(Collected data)
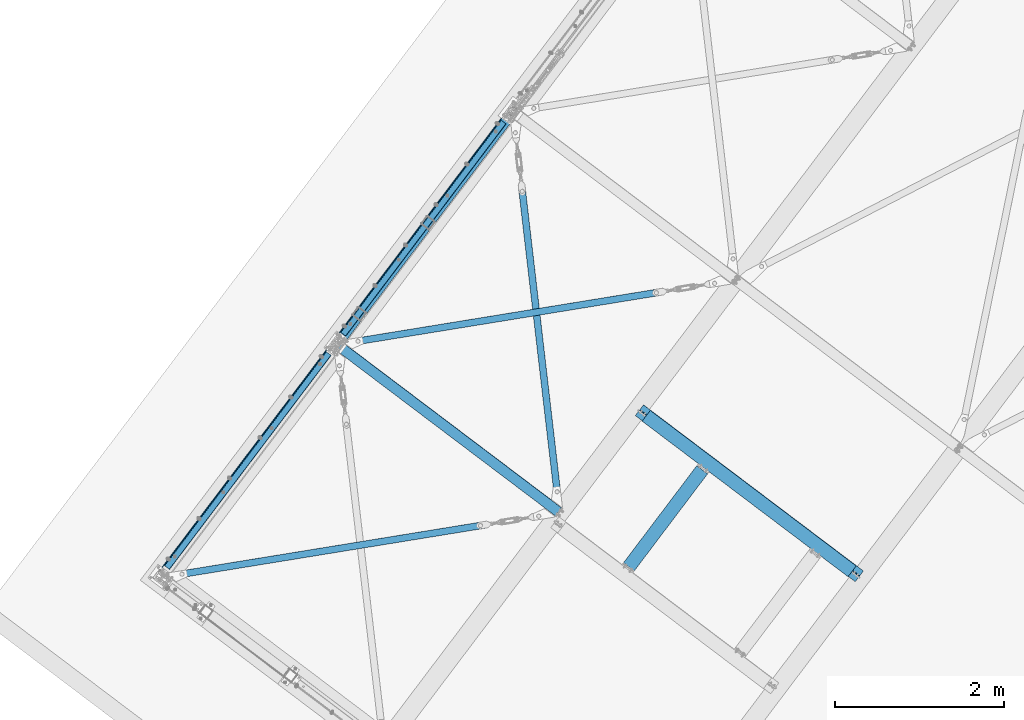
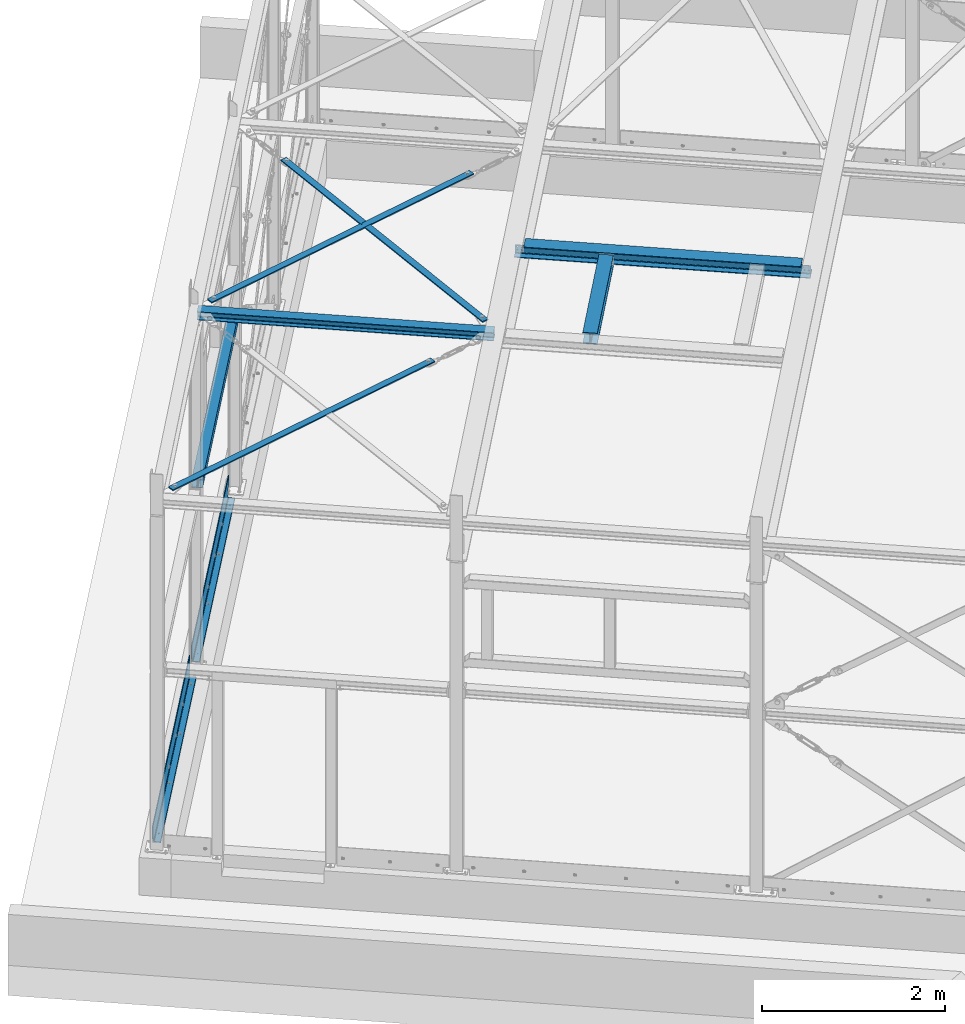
# One storey, part 21 of 476: 5 beams, 4 members, 40 openings.
"""IFC2X3 building model written with IfcOpenShell, lengths in millimetres."""

from ifc_helpers import new_model, entity, si_unit, converted_unit, point, frame, frame_2d, origin, origin_with_axes, origin_2d, origin_2d_with_axis, place, context, project, spatial, polyline, circle_curve, line_curve, trimmed, segment, composite_curve, rectangle, circle, i_section, l_section, outline, extrude, clip, halfspace, material, element, save


model = new_model("IFC2X3")

# Units and contexts
model_context = context("Model", 3, precision=1e-09, world=origin_with_axes())
ifc_project = project(units=[si_unit("LENGTHUNIT", "METRE", prefix="MILLI"), si_unit("AREAUNIT", "SQUARE_METRE"), si_unit("VOLUMEUNIT", "CUBIC_METRE"), converted_unit("PLANEANGLEUNIT", "DEGREE", entity("IfcPlaneAngleMeasure", 0.01745329), si_unit("PLANEANGLEUNIT", "RADIAN"), dimensions=[0, 0, 0, 0, 0, 0, 0])], contexts=[model_context])

# Site, building, storey
site_placement = place(None, origin_with_axes())
site = spatial("IfcSite", under=ifc_project, at=site_placement, Name="mKR Teilneubau & Sanierung BA1 - Ostfildern", CompositionType="ELEMENT")
building_placement = place(site_placement, origin_with_axes())
building = spatial("IfcBuilding", under=site, at=building_placement, Name="Struktur 1", CompositionType="ELEMENT")
storey_placement = place(building_placement, origin_with_axes())
storey = spatial("IfcBuildingStorey", under=building, at=storey_placement, Name="Default Storey", CompositionType="ELEMENT", Elevation=0.0)

# Member, openings
ifc_material = material(Name="S235JR")
member_1_placement = place(None, frame((6159.439711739, 3408.785102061, 5409.867566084), z_axis=(-0.986798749, -0.160487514, -0.021725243), x_axis=(0.018108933, 0.0239618, -0.999548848)))
member_1 = element("IfcMember", 1, at=member_1_placement, inside=storey, material=ifc_material, Name="-", ObjectType="-", context=model_context, shape_type="SweptSolid", body=[
    extrude(rectangle(XDim=15.0, YDim=80.0, at=origin_2d()), origin(), (0.0, 0.0, 1.0), 3695.564817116),
])
opening_1_placement = place(member_1_placement, frame((8.0, 0.0, 45.499), z_axis=(1.0, 0.0, 0.0), x_axis=(0.0, 1.0, 0.0)))
element("IfcOpeningElement", 2, at=opening_1_placement, cuts=member_1, ObjectType="Opening", context=model_context, shape_type="SweptSolid", body=[
    extrude(circle(Radius=14.501, at=frame_2d((0.0, 14.501), x_axis=(1.0, 0.0))), origin(), (0.0, 0.0, -1.0), 16.0),
])
opening_2_placement = place(member_1_placement, frame((8.0, 0.0, 3621.06381712), z_axis=(1.0, 0.0, 0.0), x_axis=(0.0, 1.0, 0.0)))
element("IfcOpeningElement", 3, at=opening_2_placement, cuts=member_1, ObjectType="Opening", context=model_context, shape_type="SweptSolid", body=[
    extrude(circle(Radius=14.501, at=frame_2d((0.0, 14.501), x_axis=(1.0, 0.0))), origin(), (0.0, 0.0, -1.0), 16.0),
])

member_2_placement = place(None, frame((4507.924270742, 4656.27653134, 5409.867572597), z_axis=(-0.115440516, 0.993076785, 0.021725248), x_axis=(0.018097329, 0.023970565, -0.999548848)))
member_2 = element("IfcMember", 4, at=member_2_placement, inside=storey, material=ifc_material, Name="-", ObjectType="-", context=model_context, shape_type="SweptSolid", body=[
    extrude(rectangle(XDim=15.0, YDim=80.0, at=origin_2d()), origin(), (0.0, 0.0, -1.0), 3695.564817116),
])
opening_3_placement = place(member_2_placement, frame((8.0, 0.0, -60.0), z_axis=(-1.0, 0.0, 0.0), x_axis=(0.0, 0.0, -1.0)))
element("IfcOpeningElement", 5, at=opening_3_placement, cuts=member_2, ObjectType="Opening", context=model_context, shape_type="SweptSolid", body=[
    extrude(circle(Radius=14.501, at=origin_2d_with_axis()), origin(), (0.0, 0.0, 1.0), 16.0),
])
opening_4_placement = place(member_2_placement, frame((8.0, 0.0, -3635.56481712), z_axis=(-1.0, 0.0, 0.0), x_axis=(0.0, 0.0, -1.0)))
element("IfcOpeningElement", 6, at=opening_4_placement, cuts=member_2, ObjectType="Opening", context=model_context, shape_type="SweptSolid", body=[
    extrude(circle(Radius=14.501, at=origin_2d_with_axis()), origin(), (0.0, 0.0, 1.0), 16.0),
])

member_3_placement = place(None, frame((4080.003261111, 655.883298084, 5306.226227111), z_axis=(-0.986798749, -0.160487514, -0.021725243), x_axis=(0.018108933, 0.0239618, -0.999548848)))
member_3 = element("IfcMember", 7, at=member_3_placement, inside=storey, material=ifc_material, Name="-", ObjectType="-", context=model_context, shape_type="SweptSolid", body=[
    extrude(rectangle(XDim=15.0, YDim=80.0, at=origin_2d()), origin(), (0.0, 0.0, 1.0), 3695.564817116),
])
opening_5_placement = place(member_3_placement, frame((8.0, 0.0, 45.499), z_axis=(1.0, 0.0, 0.0), x_axis=(0.0, 1.0, 0.0)))
element("IfcOpeningElement", 8, at=opening_5_placement, cuts=member_3, ObjectType="Opening", context=model_context, shape_type="SweptSolid", body=[
    extrude(circle(Radius=14.501, at=frame_2d((0.0, 14.501), x_axis=(1.0, 0.0))), origin(), (0.0, 0.0, -1.0), 16.0),
])
opening_6_placement = place(member_3_placement, frame((8.0, 0.0, 3621.06381712), z_axis=(1.0, 0.0, 0.0), x_axis=(0.0, 1.0, 0.0)))
element("IfcOpeningElement", 9, at=opening_6_placement, cuts=member_3, ObjectType="Opening", context=model_context, shape_type="SweptSolid", body=[
    extrude(circle(Radius=14.501, at=frame_2d((0.0, 14.501), x_axis=(1.0, 0.0))), origin(), (0.0, 0.0, -1.0), 16.0),
])

# Beam
beam_1_placement = place(None, frame((2261.3256453, 2834.817864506, 5260.912694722), z_axis=(-0.797941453, 0.602734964, 0.0), x_axis=(-0.602462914, -0.797581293, -0.030041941)))
element("IfcBeam", 10, at=beam_1_placement, inside=storey, material=ifc_material, Name="-", ObjectType="-", context=model_context, shape_type="Clipping", body=[
    clip(clip(extrude(i_section(OverallWidth=120.0, OverallDepth=114.0, WebThickness=5.0, FlangeThickness=8.0, FilletRadius=12.0, at=origin_2d()), origin(), (0.0, 0.0, -1.0), 3462.017365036), halfspace(frame((3781.408572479, -5149.636126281, -3361.259861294), z_axis=(5.77e-07, 0.0, 1.0), x_axis=(0.999548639, 0.030041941, -5.77e-07)), True)), halfspace(frame((3781.410455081, -5149.636126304, -98.061888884), z_axis=(-5.77e-07, 0.0, -1.0), x_axis=(-0.999548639, -0.030041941, 5.77e-07)), True)),
])

# Beam, openings
beam_2_placement = place(None, frame((4315.169450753, 5506.788966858, 594.499999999), z_axis=(-0.602734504, -0.797941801, 0.0), x_axis=(0.797941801, -0.602734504, 0.0)))
beam_2 = element("IfcBeam", 11, at=beam_2_placement, inside=storey, material=ifc_material, Name="-", ObjectType="-", context=model_context, shape_type="SweptSolid", body=[
    extrude(l_section(Depth=250.0, Width=90.0, Thickness=10.0, FilletRadius=15.0, EdgeRadius=7.5, at=frame_2d((30.5, 29.4))), origin(), (0.0, 0.0, 1.0), 3290.000000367),
])
opening_7_placement = place(beam_2_placement, frame((-115.7, 25.501, 85.001), z_axis=(-1.0, 0.0, 0.0), x_axis=(0.0, 0.0, -1.0)))
element("IfcOpeningElement", 12, at=opening_7_placement, cuts=beam_2, ObjectType="Opening", context=model_context, shape_type="SweptSolid", body=[
    extrude(outline(polyline([(0.0, 0.0), (135.002, 0.0), (135.002, 170.002), (0.0, 170.002), (0.0, 0.0)])), origin(), (0.0, 0.0, -1.0), 290.2),
])
opening_8_placement = place(beam_2_placement, frame((-115.7, -144.501, 3228.497556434), z_axis=(-1.0, 0.0, 0.0), x_axis=(0.0, 0.0, 1.0)))
element("IfcOpeningElement", 13, at=opening_8_placement, cuts=beam_2, ObjectType="Opening", context=model_context, shape_type="SweptSolid", body=[
    extrude(outline(polyline([(0.0, 0.0), (120.594765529, 0.0), (120.594765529, 130.002), (0.0, 130.002), (0.0, 0.0)])), origin(), (0.0, 0.0, -1.0), 290.2),
])
opening_9_placement = place(beam_2_placement, frame((34.4, -95.0, 1656.749278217), z_axis=(0.0, 1.0, 0.0), x_axis=(0.0, 0.0, 1.0)))
element("IfcOpeningElement", 14, at=opening_9_placement, cuts=beam_2, ObjectType="Opening", context=model_context, shape_type="SweptSolid", body=[
    extrude(circle(Radius=6.001, at=frame_2d((475.0, 0.0), x_axis=(1.0, 0.0))), origin(), (0.0, 0.0, 1.0), 11.000000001),
])
opening_10_placement = place(beam_2_placement, frame((34.4, -95.0, 1656.749278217), z_axis=(0.0, 1.0, 0.0), x_axis=(0.0, 0.0, 1.0)))
element("IfcOpeningElement", 15, at=opening_10_placement, cuts=beam_2, ObjectType="Opening", context=model_context, shape_type="SweptSolid", body=[
    extrude(circle(Radius=6.001, at=frame_2d((-475.0, 0.0), x_axis=(1.0, 0.0))), origin(), (0.0, 0.0, 1.0), 11.000000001),
])
opening_11_placement = place(beam_2_placement, frame((34.4, -95.0, 1656.749278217), z_axis=(0.0, 1.0, 0.0), x_axis=(0.0, 0.0, 1.0)))
element("IfcOpeningElement", 16, at=opening_11_placement, cuts=beam_2, ObjectType="Opening", context=model_context, shape_type="SweptSolid", body=[
    extrude(circle(Radius=6.001, at=frame_2d((1425.0, 0.0), x_axis=(1.0, 0.0))), origin(), (0.0, 0.0, 1.0), 11.000000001),
])
opening_12_placement = place(beam_2_placement, frame((34.4, -95.0, 1656.749278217), z_axis=(0.0, 1.0, 0.0), x_axis=(0.0, 0.0, 1.0)))
element("IfcOpeningElement", 17, at=opening_12_placement, cuts=beam_2, ObjectType="Opening", context=model_context, shape_type="SweptSolid", body=[
    extrude(circle(Radius=6.001, at=frame_2d((-1425.0, 0.0), x_axis=(1.0, 0.0))), origin(), (0.0, 0.0, 1.0), 11.000000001),
])
opening_13_placement = place(beam_2_placement, frame((-5.1, 13.5, 1645.000000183), z_axis=(-1.0, 0.0, 0.0), x_axis=(0.0, 0.0, 1.0)))
element("IfcOpeningElement", 18, at=opening_13_placement, cuts=beam_2, ObjectType="Opening", context=model_context, shape_type="SweptSolid", body=[
    extrude(circle(Radius=7.001, at=frame_2d((300.0, 0.0), x_axis=(1.0, 0.0))), origin(), (0.0, 0.0, 1.0), 11.0),
])
opening_14_placement = place(beam_2_placement, frame((-5.1, 13.5, 1645.000000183), z_axis=(-1.0, 0.0, 0.0), x_axis=(0.0, 0.0, 1.0)))
element("IfcOpeningElement", 19, at=opening_14_placement, cuts=beam_2, ObjectType="Opening", context=model_context, shape_type="SweptSolid", body=[
    extrude(circle(Radius=7.001, at=frame_2d((-300.0, 0.0), x_axis=(1.0, 0.0))), origin(), (0.0, 0.0, 1.0), 11.0),
])
opening_15_placement = place(beam_2_placement, frame((-5.1, 13.5, 1645.000000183), z_axis=(-1.0, 0.0, 0.0), x_axis=(0.0, 0.0, 1.0)))
element("IfcOpeningElement", 20, at=opening_15_placement, cuts=beam_2, ObjectType="Opening", context=model_context, shape_type="SweptSolid", body=[
    extrude(circle(Radius=7.001, at=frame_2d((900.0, 0.0), x_axis=(1.0, 0.0))), origin(), (0.0, 0.0, 1.0), 11.0),
])
opening_16_placement = place(beam_2_placement, frame((-5.1, 13.5, 1645.000000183), z_axis=(-1.0, 0.0, 0.0), x_axis=(0.0, 0.0, 1.0)))
element("IfcOpeningElement", 21, at=opening_16_placement, cuts=beam_2, ObjectType="Opening", context=model_context, shape_type="SweptSolid", body=[
    extrude(circle(Radius=7.001, at=frame_2d((-900.0, 0.0), x_axis=(1.0, 0.0))), origin(), (0.0, 0.0, 1.0), 11.0),
])
opening_17_placement = place(beam_2_placement, frame((-5.1, 13.5, 1645.000000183), z_axis=(-1.0, 0.0, 0.0), x_axis=(0.0, 0.0, 1.0)))
element("IfcOpeningElement", 22, at=opening_17_placement, cuts=beam_2, ObjectType="Opening", context=model_context, shape_type="SweptSolid", body=[
    extrude(circle(Radius=7.001, at=frame_2d((1500.0, 0.0), x_axis=(1.0, 0.0))), origin(), (0.0, 0.0, 1.0), 11.0),
])
opening_18_placement = place(beam_2_placement, frame((-5.1, 13.5, 1645.000000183), z_axis=(-1.0, 0.0, 0.0), x_axis=(0.0, 0.0, 1.0)))
element("IfcOpeningElement", 23, at=opening_18_placement, cuts=beam_2, ObjectType="Opening", context=model_context, shape_type="SweptSolid", body=[
    extrude(circle(Radius=7.001, at=frame_2d((-1500.0, 0.0), x_axis=(1.0, 0.0))), origin(), (0.0, 0.0, 1.0), 11.0),
])

# Member
member_4_placement = place(None, frame((5642.814842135, -16.709538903, 5294.7762713), z_axis=(-0.602462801, -0.797581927, -0.030027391), x_axis=(-0.797941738, 0.602734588, 0.0)))
element("IfcMember", 24, at=member_4_placement, inside=storey, material=ifc_material, Name="-", ObjectType="-", context=model_context, shape_type="Clipping", body=[
    clip(clip(extrude(i_section(OverallWidth=160.0, OverallDepth=152.0, WebThickness=6.0, FlangeThickness=9.0, FilletRadius=15.0, at=origin_2d()), origin(), (0.0, 0.0, -1.0), 1880.689827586), halfspace(frame((4512.708880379, 5190.662357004, -220.345913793), z_axis=(0.0, 0.0, -1.0), x_axis=(1.0, 0.0, 0.0)), True)), halfspace(frame((4512.708880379, 5190.662357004, -1660.343913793), z_axis=(0.0, 0.0, 1.0), x_axis=(-1.0, 0.0, 0.0)), True)),
])

# Beam
beam_3_placement = place(None, frame((4453.884995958, 5605.981714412, 2912.000000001), z_axis=(0.602734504, 0.797941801, 0.0), x_axis=(0.797941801, -0.602734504, 0.0)))
element("IfcBeam", 25, at=beam_3_placement, inside=storey, material=ifc_material, Name="-", ObjectType="-", context=model_context, shape_type="Clipping", body=[
    clip(clip(extrude(i_section(OverallWidth=120.0, OverallDepth=114.0, WebThickness=5.0, FlangeThickness=8.0, FilletRadius=12.0, at=origin_2d()), origin(), (0.0, 0.0, -1.0), 3615.51737069), halfspace(frame((-175.022404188, 2912.000000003, -182.759685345), z_axis=(0.0, 0.0, -1.0), x_axis=(1.0, 0.0, 0.0)), True)), halfspace(frame((-175.022404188, 2912.000000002, -3432.757685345), z_axis=(0.0, 0.0, 1.0), x_axis=(-1.0, 0.0, 0.0)), True)),
])

# Beam, openings
beam_4_placement = place(None, frame((5793.319187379, 2087.244132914, 5347.935113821), z_axis=(-0.797941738, 0.602734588, 0.0), x_axis=(0.602462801, 0.797581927, 0.030027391)))
beam_4 = element("IfcBeam", 26, at=beam_4_placement, inside=storey, material=ifc_material, Name="-", ObjectType="-", context=model_context, shape_type="Clipping", body=[
    clip(clip(extrude(i_section(OverallWidth=160.0, OverallDepth=152.0, WebThickness=6.0, FlangeThickness=9.0, FilletRadius=15.0, at=origin_2d()), origin(), (0.0, 0.0, -1.0), 3520.689898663), halfspace(frame((-5315.592037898, 5190.662357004, -3389.343953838), z_axis=(0.0, 0.0, 1.0), x_axis=(-0.999549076, -0.030027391, 0.0)), True)), halfspace(frame((-5315.592037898, 5190.662357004, -131.345918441), z_axis=(0.0, 0.0, -1.0), x_axis=(0.999549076, 0.030027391, 0.0)), True)),
])
opening_19_placement = place(beam_4_placement, frame((1500.0000131, 0.0, -3410.344827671), z_axis=(-1.0, 0.0, -1.05e-07), x_axis=(1.05e-07, 0.0, -1.0)))
element("IfcOpeningElement", 27, at=opening_19_placement, cuts=beam_4, ObjectType="Opening", context=model_context, shape_type="SweptSolid", body=[
    extrude(outline(composite_curve([segment(trimmed(line_curve((-20.200022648, 42.024069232), (0.0, 1.0), 34.775930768), [point((-20.200022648, 42.024069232))], [point((-20.200022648, 76.8))], True, "CARTESIAN"), True, "CONTINUOUS"), segment(trimmed(line_curve((-20.200022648, 76.8), (-1.0, 0.0), 104.8), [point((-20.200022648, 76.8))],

▶ Assigned task:
Going through the lines above one by one, tally those with the word "openings" and give only the total.

▶ Task response:
4